# JAVA FERN FROM PETCO



## lamthuyduong

I bought a live java fern from a petstore called Petco and I'm not really sure if it's a real aquatic plant or not. The java fern came in a long, round, plastic container and on the bottom of the container was a jello-like substance. It was sold on the shelf with other plants. The plants were not in an aquarium. On the package, it was not called java fern, but rather tropica fern. Although the latin name is microsorium pteropus. The company that produced the so called tropica fern is Complete Aquatic Systems (this information was on the back of the package) Will this java fern live? Has anyone bought this type of java fern from this company before?


----------



## Raul-7

Don't worry the plant will live. This is just the way the company packages the plant to ensure it doesn't dry out and die. I remember someone buying the exact same thing a while ago and he was very happy with it. 

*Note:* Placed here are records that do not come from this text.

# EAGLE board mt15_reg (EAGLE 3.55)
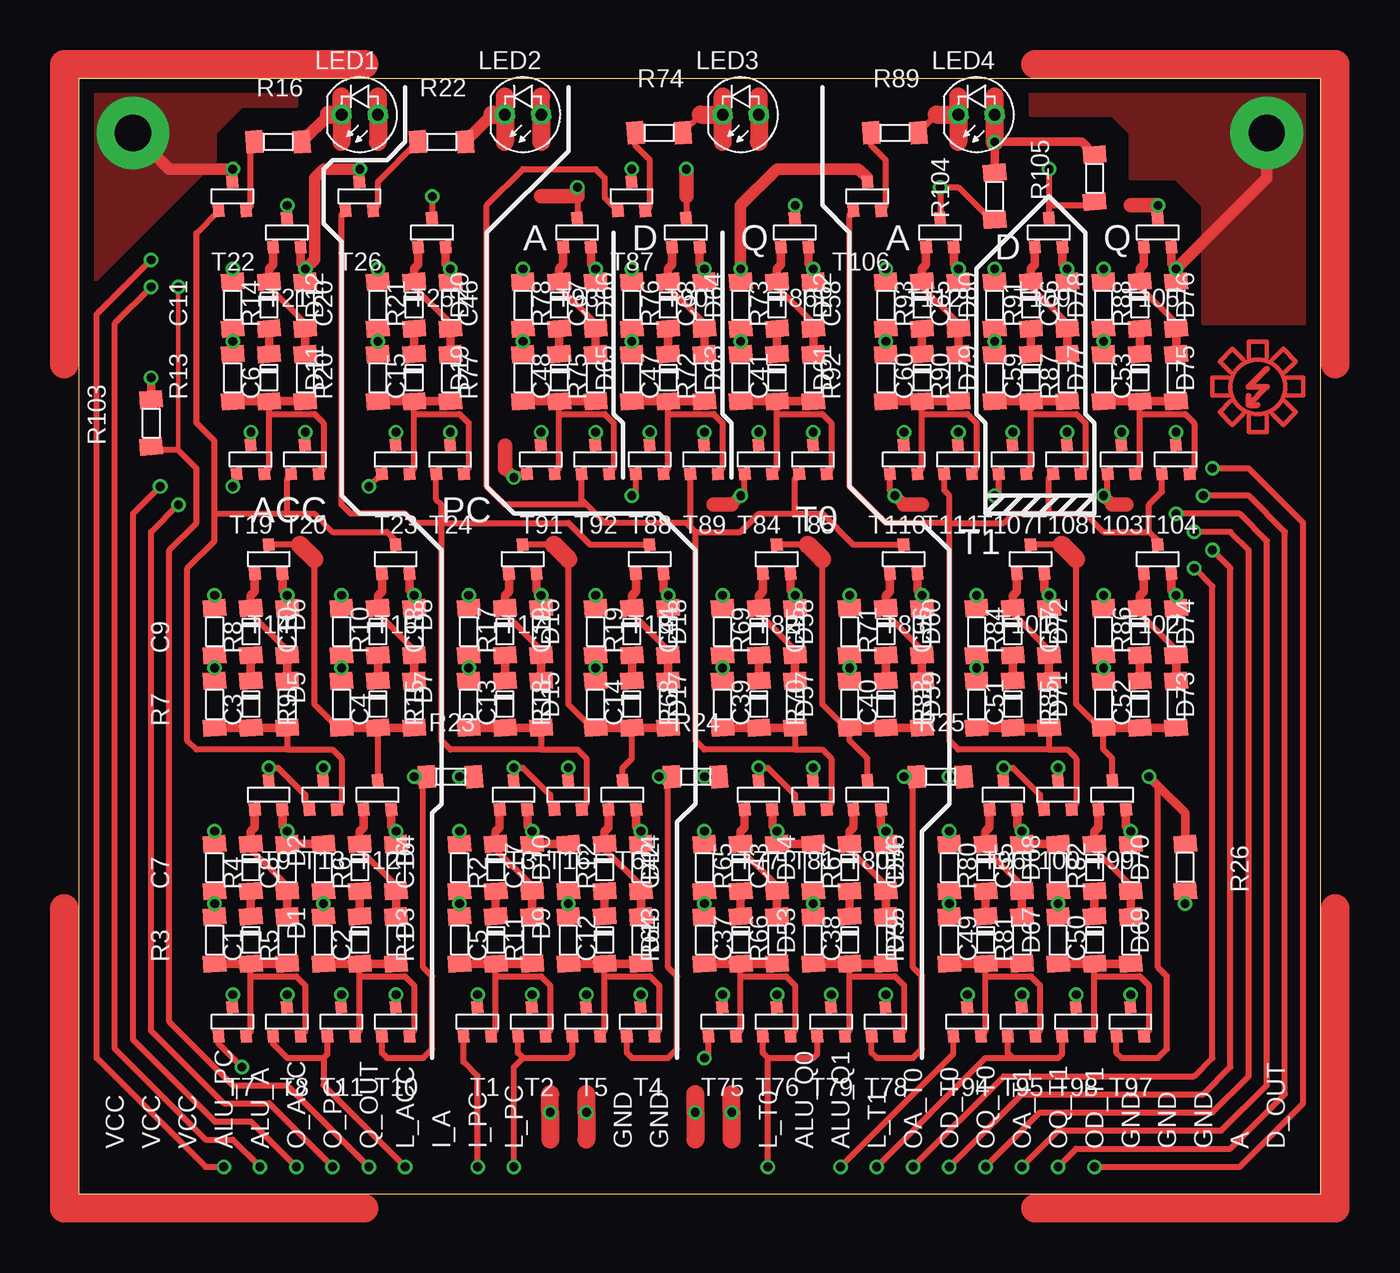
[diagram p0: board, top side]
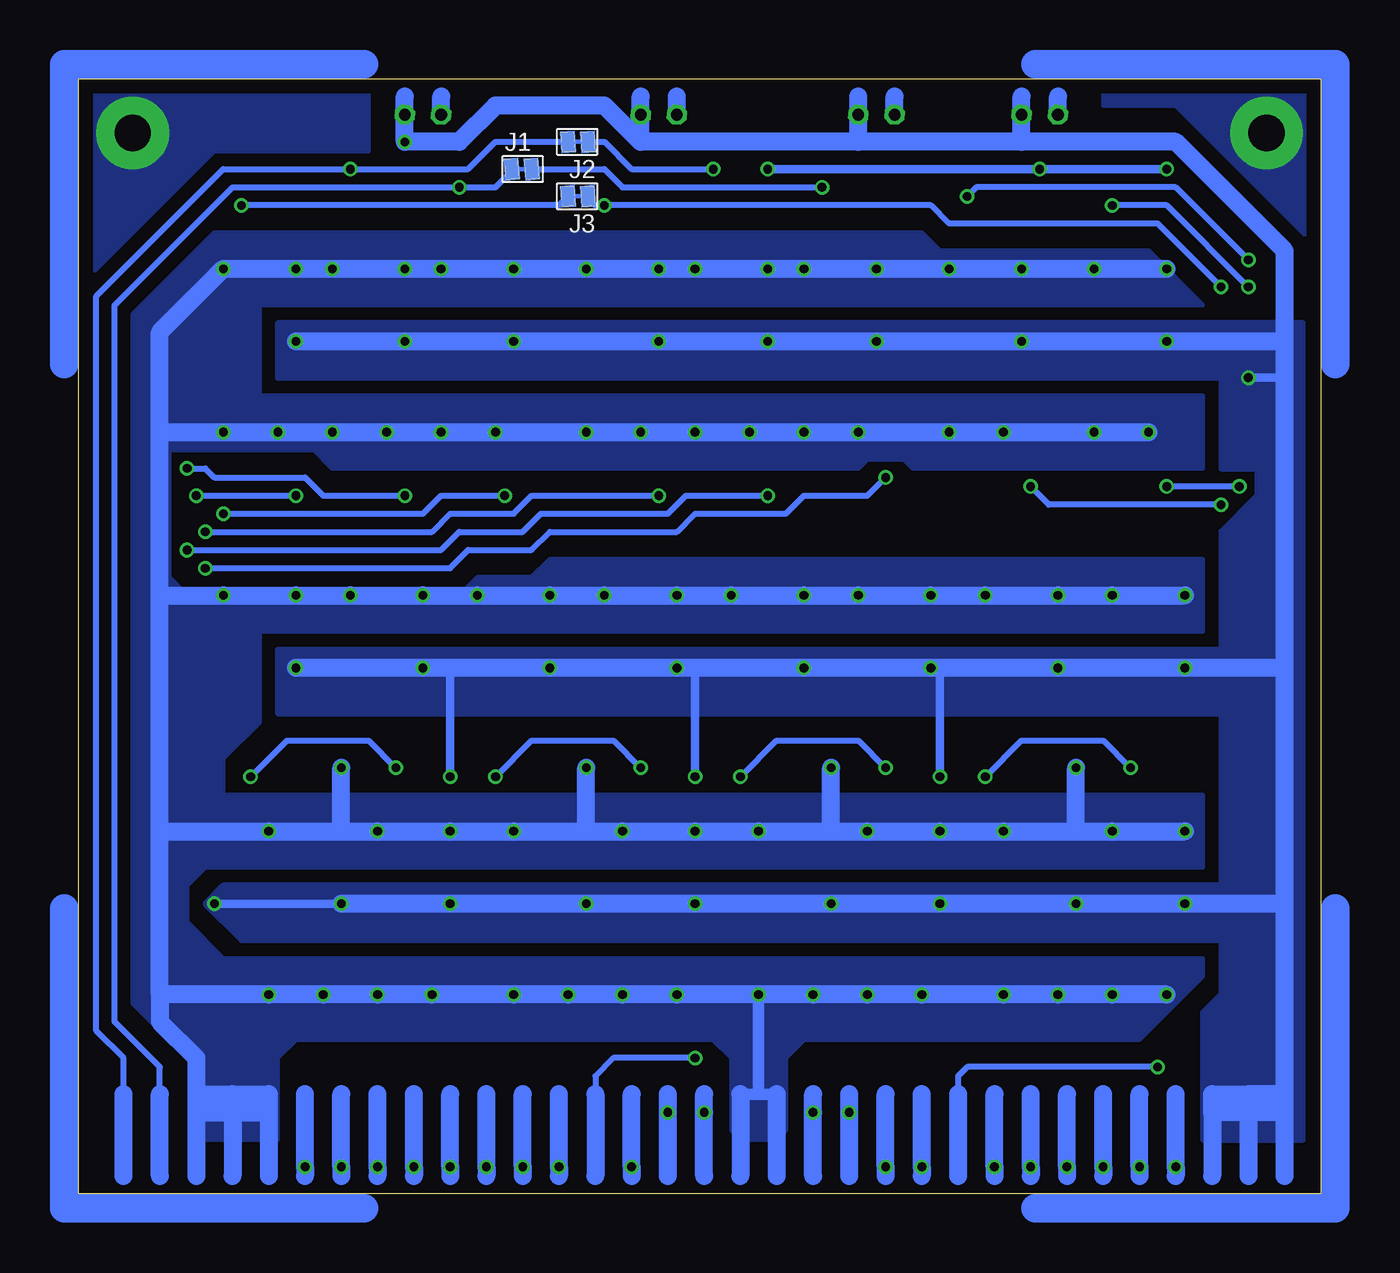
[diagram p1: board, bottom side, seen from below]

Size 86.97 x 78.09 mm. Coordinates in mm from the lower left corner, seen from the top.
Outline: 0,0 86.97,0 86.97,78.09 0,78.09 0,0
Copper layers used: Top, Bottom

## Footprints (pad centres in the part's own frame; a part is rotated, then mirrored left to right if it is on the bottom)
04 = smd 1.194 x 1.6 rotated 4.4:  1.651,0 | smd 1.194 x 1.6 rotated 4.3:  -1.651,0
04D = smd 1.194 x 1.6 rotated 4.3:  1.651,0 | smd 1.194 x 1.6 rotated 4.4:  -1.651,0
MPII = smd 1.016 x 1.524 rotated 4.3:  -0.762,0 | smd 1.016 x 1.524 rotated 4.4:  0.635,0
D-5S = drill 0.813 pad 1.397 octagon:  -1.27,0;  1.27,0
T-23 = smd 0.787 x 0.889 rotated 4.4:  0.991,1.016 | smd 0.787 x 0.889 rotated 4.3:  -0.94,1.016 | smd 0.787 x 0.889 rotated 4.5:  0.025,-1.016

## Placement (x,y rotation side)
C1  1n  [04]  14.61,17.78 90 top
C2  1n  [04]  22.23,17.78 90 top
C3  1n  [04]  14.61,34.29 90 top
C4  1n  [04]  23.5,34.29 90 top
C5  1n  [04]  31.75,17.78 90 top
C6  1n  [04]  15.88,57.15 90 top
C7  100n  [04]  9.53,22.86 90 top
C8  100n  [04]  17.14,22.86 90 top
C9  100n  [04]  9.53,39.37 90 top
C10  100n  [04]  18.41,39.37 90 top
C11  100n  [04]  10.79,62.23 90 top
C12  1n  [04]  39.37,17.78 90 top
C13  1n  [04]  32.38,34.29 90 top
C14  1n  [04]  41.27,34.29 90 top
C15  1n  [04]  26.04,57.15 90 top
C16  100n  [04]  26.67,22.86 90 top
C17  100n  [04]  34.29,22.86 90 top
C18  100n  [04]  27.3,39.37 90 top
C19  100n  [04]  36.2,39.37 90 top
C20  100n  [04]  20.95,62.23 90 top
C37  1n  [04]  48.9,17.78 90 top
C38  1n  [04]  56.52,17.78 90 top
C39  1n  [04]  50.16,34.29 90 top
C40  1n  [04]  59.05,34.29 90 top
C41  1n  [04]  51.44,57.15 90 top
C42  100n  [04]  43.81,22.86 90 top
C43  100n  [04]  51.44,22.86 90 top
C44  100n  [04]  45.09,39.37 90 top
C45  100n  [04]  53.98,39.37 90 top
C46  100n  [04]  31.11,62.23 90 top
C47  1n  [04]  43.81,57.15 90 top
C48  1n  [04]  36.2,57.15 90 top
C49  1n  [04]  66.04,17.78 90 top
C50  1n  [04]  73.66,17.78 90 top
C51  1n  [04]  67.94,34.29 90 top
C52  1n  [04]  76.83,34.29 90 top
C53  1n  [04]  76.83,57.15 90 top
C54  100n  [04]  60.96,22.86 90 top
C55  100n  [04]  68.58,22.86 90 top
C56  100n  [04]  62.87,39.37 90 top
C57  100n  [04]  71.75,39.37 90 top
C58  100n  [04]  56.52,62.23 90 top
C59  1n  [04]  69.22,57.15 90 top
C60  1n  [04]  61.59,57.15 90 top
C65  100n  [04]  64.14,62.23 90 top
C66  100n  [04]  71.75,62.23 90 top
C67  100n  [04]  38.73,62.23 90 top
C68  100n  [04]  46.35,62.23 90 top
D1  1N4148  [04D]  12.06,17.78 270 top
D2  1N4148  [04D]  12.06,22.86 270 top
D3  1N4148  [04D]  19.68,17.78 270 top
D4  1N4148  [04D]  19.68,22.86 270 top
D5  1N4148  [04D]  12.06,34.29 270 top
D6  1N4148  [04D]  12.06,39.37 270 top
D7  1N4148  [04D]  20.95,34.29 270 top
D8  1N4148  [04D]  20.95,39.37 270 top
D9  1N4148  [04D]  29.21,17.78 270 top
D10  1N4148  [04D]  29.21,22.86 270 top
D11  1N4148  [04D]  13.34,57.15 270 top
D12  1N4148  [04D]  13.34,62.23 270 top
D13  1N4148  [04D]  36.83,17.78 270 top
D14  1N4148  [04D]  36.83,22.86 270 top
D15  1N4148  [04D]  29.84,34.29 270 top
D16  1N4148  [04D]  29.84,39.37 270 top
D17  1N4148  [04D]  38.73,34.29 270 top
D18  1N4148  [04D]  38.73,39.37 270 top
D19  1N4148  [04D]  23.5,57.15 270 top
D20  1N4148  [04D]  23.5,62.23 270 top
D53  1N4148  [04D]  46.35,17.78 270 top
D54  1N4148  [04D]  46.35,22.86 270 top
D55  1N4148  [04D]  53.98,17.78 270 top
D56  1N4148  [04D]  53.98,22.86 270 top
D57  1N4148  [04D]  47.62,34.29 270 top
D58  1N4148  [04D]  47.62,39.37 270 top
D59  1N4148  [04D]  56.52,34.29 270 top
D60  1N4148  [04D]  56.52,39.37 270 top
D61  1N4148  [04D]  48.9,57.15 270 top
D62  1N4148  [04D]  48.9,62.23 270 top
D63  1N4148  [04D]  41.27,57.15 270 top
D64  1N4148  [04D]  41.27,62.23 270 top
D65  1N4148  [04D]  33.66,57.15 270 top
D66  1N4148  [04D]  33.66,62.23 270 top
D67  1N4148  [04D]  63.5,17.78 270 top
D68  1N4148  [04D]  63.5,22.86 270 top
D69  1N4148  [04D]  71.12,17.78 270 top
D70  1N4148  [04D]  71.12,22.86 270 top
D71  1N4148  [04D]  65.41,34.29 270 top
D72  1N4148  [04D]  65.41,39.37 270 top
D73  1N4148  [04D]  74.3,34.29 270 top
D74  1N4148  [04D]  74.3,39.37 270 top
D75  1N4148  [04D]  74.3,57.15 270 top
D76  1N4148  [04D]  74.3,62.23 270 top
D77  1N4148  [04D]  66.67,57.15 270 top
D78  1N4148  [04D]  66.67,62.23 270 top
D79  1N4148  [04D]  59.05,57.15 270 top
D80  1N4148  [04D]  59.05,62.23 270 top
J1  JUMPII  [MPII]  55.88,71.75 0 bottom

Try searching for the name it might come up...


----------



## scitz

Be very careful about the other plants that are sold in those things. Only 3 or 4 of the species they sell like that are 'true aquatic' plants. Many of the swords are 'bog' species. I believe the only ones they sell like that that will do well in an aquarium long term were the Tropica Fern (aka Java Fern), Amazon Sword (not brasil or Borneo, those 2 will just die in 2 months or so), and Wisteria (though i think they called it something else) though there may be some more, those are what i can recall off the top of my head.

Also, due to the drier nature of the packaging and that it is hung on a shelf with no lighting besides whatever hits it from our MH ceiling lights, these things have a very high mortality rate, so check them out carefully before you pick one up.

As a petco employee, I can also say that they are going to phase out their live plants that we get that arent in those prepackaged things :evil: 

Although the only live plants we get are Anubias azureas (sp? large smooth leaved anubias) your basic amazon swords, H polysperma, a crypt every once in a blue moon, a bunch of bog plants like draconia, and bunches of elodea and wisteria.

I have been in contact with several higher ups about this issue, so we will see what becomes of it. Most likely nothing.


----------



## Sir_BlackhOle

Yeah the Petco here has a very poor selection of live (or barely live) plants for sale. Its dissapointing because they just opened it here a few months back and I was hoping they would have more.


----------



## daddyo72

I've used the "cylinder plants" and they work just fine for me. One thing I notice about petsmart, petco is they often don't know what the've got. In reference to fish, plants what have you. Do some searching and you may get a real deal.


----------